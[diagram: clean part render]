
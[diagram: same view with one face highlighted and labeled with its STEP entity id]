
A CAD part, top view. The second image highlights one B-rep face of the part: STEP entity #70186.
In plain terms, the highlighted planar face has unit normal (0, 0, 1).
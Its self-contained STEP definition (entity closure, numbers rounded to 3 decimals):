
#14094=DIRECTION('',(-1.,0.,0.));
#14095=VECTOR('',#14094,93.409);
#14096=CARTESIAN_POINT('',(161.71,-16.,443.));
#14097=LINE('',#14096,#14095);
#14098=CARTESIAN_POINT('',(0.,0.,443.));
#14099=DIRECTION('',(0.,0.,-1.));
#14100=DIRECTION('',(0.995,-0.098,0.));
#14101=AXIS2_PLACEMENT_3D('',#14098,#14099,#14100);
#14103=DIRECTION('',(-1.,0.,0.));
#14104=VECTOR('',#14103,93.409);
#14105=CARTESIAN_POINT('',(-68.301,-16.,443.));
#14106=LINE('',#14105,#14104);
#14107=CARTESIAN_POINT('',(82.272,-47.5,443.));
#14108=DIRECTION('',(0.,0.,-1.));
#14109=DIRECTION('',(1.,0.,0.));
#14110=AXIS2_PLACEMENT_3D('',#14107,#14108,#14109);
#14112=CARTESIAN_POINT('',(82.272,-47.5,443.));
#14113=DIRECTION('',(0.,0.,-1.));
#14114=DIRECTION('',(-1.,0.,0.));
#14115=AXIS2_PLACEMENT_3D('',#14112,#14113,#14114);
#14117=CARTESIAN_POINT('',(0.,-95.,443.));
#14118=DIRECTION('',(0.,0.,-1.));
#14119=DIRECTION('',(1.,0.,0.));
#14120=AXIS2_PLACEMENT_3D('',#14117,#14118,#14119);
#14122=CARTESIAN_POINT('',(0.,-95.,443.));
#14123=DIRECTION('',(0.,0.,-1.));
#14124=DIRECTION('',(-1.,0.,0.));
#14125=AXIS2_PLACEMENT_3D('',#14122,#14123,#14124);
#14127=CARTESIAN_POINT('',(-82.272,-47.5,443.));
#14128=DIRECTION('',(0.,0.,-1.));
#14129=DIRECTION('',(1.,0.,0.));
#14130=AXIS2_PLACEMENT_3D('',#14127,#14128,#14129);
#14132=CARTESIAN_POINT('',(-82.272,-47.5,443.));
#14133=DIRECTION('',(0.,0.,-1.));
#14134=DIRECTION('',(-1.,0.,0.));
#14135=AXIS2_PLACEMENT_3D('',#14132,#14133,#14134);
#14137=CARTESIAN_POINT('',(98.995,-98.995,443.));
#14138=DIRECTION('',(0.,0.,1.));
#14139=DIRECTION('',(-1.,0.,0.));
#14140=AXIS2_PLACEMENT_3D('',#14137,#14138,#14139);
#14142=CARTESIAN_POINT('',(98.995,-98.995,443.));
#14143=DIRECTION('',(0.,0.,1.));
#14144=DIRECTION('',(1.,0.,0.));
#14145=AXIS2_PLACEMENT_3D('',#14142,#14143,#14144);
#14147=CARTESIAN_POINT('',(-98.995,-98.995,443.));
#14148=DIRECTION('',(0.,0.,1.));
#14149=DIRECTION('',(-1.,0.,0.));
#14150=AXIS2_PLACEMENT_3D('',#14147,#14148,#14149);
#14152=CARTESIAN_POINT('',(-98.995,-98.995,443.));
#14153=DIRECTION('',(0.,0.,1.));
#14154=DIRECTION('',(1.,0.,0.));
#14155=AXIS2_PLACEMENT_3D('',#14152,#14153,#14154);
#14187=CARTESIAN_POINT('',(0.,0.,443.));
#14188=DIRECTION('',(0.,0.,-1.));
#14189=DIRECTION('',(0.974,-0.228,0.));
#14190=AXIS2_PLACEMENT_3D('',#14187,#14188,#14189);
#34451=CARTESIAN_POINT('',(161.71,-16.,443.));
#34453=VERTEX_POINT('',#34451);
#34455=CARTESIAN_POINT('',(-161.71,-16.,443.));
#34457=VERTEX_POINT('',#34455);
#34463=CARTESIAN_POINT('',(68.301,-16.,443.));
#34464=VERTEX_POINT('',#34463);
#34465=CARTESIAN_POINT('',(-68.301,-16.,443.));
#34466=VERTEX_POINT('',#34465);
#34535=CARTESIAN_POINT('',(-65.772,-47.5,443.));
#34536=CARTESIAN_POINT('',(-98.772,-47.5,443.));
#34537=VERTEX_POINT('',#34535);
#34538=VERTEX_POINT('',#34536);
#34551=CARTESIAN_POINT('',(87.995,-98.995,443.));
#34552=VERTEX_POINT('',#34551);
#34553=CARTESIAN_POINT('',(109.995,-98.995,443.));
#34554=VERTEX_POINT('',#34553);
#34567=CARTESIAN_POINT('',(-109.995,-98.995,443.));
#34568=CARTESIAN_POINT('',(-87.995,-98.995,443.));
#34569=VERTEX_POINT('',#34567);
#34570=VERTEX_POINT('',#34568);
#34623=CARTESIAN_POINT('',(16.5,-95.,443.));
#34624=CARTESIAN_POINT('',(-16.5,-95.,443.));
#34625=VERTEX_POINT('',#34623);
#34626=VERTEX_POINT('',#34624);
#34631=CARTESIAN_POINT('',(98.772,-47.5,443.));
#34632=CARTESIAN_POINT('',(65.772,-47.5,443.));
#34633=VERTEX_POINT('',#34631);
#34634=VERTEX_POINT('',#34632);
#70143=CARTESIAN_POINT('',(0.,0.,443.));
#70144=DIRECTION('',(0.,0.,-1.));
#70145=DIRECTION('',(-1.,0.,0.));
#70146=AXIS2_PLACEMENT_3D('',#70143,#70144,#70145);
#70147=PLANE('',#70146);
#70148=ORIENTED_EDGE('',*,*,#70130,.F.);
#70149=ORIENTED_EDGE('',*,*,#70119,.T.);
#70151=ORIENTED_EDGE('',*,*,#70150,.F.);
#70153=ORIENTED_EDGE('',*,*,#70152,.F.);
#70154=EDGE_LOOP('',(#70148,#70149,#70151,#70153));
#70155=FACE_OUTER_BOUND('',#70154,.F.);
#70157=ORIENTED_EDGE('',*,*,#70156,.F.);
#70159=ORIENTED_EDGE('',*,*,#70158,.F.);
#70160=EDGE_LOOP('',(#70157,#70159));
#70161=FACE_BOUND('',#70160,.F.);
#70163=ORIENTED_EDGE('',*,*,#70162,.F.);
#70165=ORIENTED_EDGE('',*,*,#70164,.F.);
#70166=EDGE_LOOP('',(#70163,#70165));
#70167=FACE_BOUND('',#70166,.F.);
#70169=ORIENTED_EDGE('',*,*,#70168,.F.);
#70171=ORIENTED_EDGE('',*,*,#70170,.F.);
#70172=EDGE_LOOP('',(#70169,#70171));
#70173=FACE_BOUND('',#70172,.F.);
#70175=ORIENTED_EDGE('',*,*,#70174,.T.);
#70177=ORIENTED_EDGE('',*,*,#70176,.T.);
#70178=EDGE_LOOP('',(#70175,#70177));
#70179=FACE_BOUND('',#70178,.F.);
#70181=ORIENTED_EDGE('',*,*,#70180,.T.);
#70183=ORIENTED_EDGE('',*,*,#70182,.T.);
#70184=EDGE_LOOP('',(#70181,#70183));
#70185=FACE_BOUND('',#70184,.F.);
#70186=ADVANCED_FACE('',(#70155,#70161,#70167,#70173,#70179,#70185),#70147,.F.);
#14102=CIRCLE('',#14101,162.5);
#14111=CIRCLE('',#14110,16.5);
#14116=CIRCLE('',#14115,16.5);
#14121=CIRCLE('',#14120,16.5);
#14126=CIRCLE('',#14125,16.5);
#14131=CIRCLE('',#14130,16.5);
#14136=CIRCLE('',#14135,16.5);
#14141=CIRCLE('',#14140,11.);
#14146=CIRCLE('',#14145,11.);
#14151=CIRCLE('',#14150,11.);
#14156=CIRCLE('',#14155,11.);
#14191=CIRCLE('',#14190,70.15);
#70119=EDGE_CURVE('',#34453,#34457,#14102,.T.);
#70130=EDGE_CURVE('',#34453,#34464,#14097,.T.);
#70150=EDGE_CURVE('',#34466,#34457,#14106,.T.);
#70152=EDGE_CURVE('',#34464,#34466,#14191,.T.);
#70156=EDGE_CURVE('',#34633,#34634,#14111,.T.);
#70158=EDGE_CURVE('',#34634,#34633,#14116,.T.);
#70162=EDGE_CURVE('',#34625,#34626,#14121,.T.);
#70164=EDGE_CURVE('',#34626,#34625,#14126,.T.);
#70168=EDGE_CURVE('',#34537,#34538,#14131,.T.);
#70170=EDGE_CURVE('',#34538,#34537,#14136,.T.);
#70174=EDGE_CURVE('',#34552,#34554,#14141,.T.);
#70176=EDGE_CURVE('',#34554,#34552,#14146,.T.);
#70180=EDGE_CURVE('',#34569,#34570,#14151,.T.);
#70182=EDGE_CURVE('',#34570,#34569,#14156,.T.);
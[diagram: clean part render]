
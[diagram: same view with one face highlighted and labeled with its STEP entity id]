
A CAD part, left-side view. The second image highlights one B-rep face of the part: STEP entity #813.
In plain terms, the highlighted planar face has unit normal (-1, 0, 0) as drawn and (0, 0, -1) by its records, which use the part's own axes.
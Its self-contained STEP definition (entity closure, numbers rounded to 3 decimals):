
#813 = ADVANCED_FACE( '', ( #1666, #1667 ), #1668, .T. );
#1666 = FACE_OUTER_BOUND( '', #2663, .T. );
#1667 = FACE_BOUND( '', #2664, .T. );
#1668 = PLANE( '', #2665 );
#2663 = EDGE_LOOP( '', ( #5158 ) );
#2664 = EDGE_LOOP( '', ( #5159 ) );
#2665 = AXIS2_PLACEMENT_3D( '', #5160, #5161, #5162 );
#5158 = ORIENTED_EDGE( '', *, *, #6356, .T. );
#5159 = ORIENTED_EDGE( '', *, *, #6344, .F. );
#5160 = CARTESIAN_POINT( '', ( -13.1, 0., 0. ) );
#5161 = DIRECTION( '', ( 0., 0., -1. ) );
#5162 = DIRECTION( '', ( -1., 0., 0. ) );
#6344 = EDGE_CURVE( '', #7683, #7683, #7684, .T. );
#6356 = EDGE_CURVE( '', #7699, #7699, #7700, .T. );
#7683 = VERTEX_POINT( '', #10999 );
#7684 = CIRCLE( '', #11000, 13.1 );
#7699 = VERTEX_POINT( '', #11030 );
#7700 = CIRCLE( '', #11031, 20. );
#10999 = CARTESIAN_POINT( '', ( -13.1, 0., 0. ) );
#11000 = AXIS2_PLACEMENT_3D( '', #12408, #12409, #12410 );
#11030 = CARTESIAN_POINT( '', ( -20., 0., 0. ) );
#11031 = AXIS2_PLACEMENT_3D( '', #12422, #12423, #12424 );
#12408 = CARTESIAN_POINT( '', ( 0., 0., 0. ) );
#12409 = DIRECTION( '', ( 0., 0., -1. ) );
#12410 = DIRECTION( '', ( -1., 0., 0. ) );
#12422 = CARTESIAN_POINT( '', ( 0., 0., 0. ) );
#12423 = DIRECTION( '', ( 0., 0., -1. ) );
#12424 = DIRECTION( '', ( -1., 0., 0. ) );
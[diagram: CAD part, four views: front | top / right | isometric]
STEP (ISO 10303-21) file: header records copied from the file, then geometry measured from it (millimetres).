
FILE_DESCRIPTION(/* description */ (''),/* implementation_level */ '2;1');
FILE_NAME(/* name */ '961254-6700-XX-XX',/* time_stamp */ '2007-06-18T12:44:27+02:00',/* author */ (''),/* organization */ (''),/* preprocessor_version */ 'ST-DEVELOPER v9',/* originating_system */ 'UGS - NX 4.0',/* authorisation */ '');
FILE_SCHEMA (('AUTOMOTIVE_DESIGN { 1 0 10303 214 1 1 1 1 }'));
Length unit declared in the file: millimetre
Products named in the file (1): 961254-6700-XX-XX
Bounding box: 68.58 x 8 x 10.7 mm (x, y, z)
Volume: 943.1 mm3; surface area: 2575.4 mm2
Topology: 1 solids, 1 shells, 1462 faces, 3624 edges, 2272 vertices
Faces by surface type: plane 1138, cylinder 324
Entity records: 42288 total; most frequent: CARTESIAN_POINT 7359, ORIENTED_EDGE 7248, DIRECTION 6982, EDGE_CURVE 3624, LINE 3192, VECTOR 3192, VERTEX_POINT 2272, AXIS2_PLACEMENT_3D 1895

────

When the word "terms" shows up in a line of the entries, pull that line out.

• **YOUR SOLUTION**:
In plain terms, the highlighted planar face has unit normal (0, 0, 1).
In plain terms, the highlighted planar face has unit normal (-1, 0, 0) as drawn and (0, 0, -1) by its records, which use the part's own axes.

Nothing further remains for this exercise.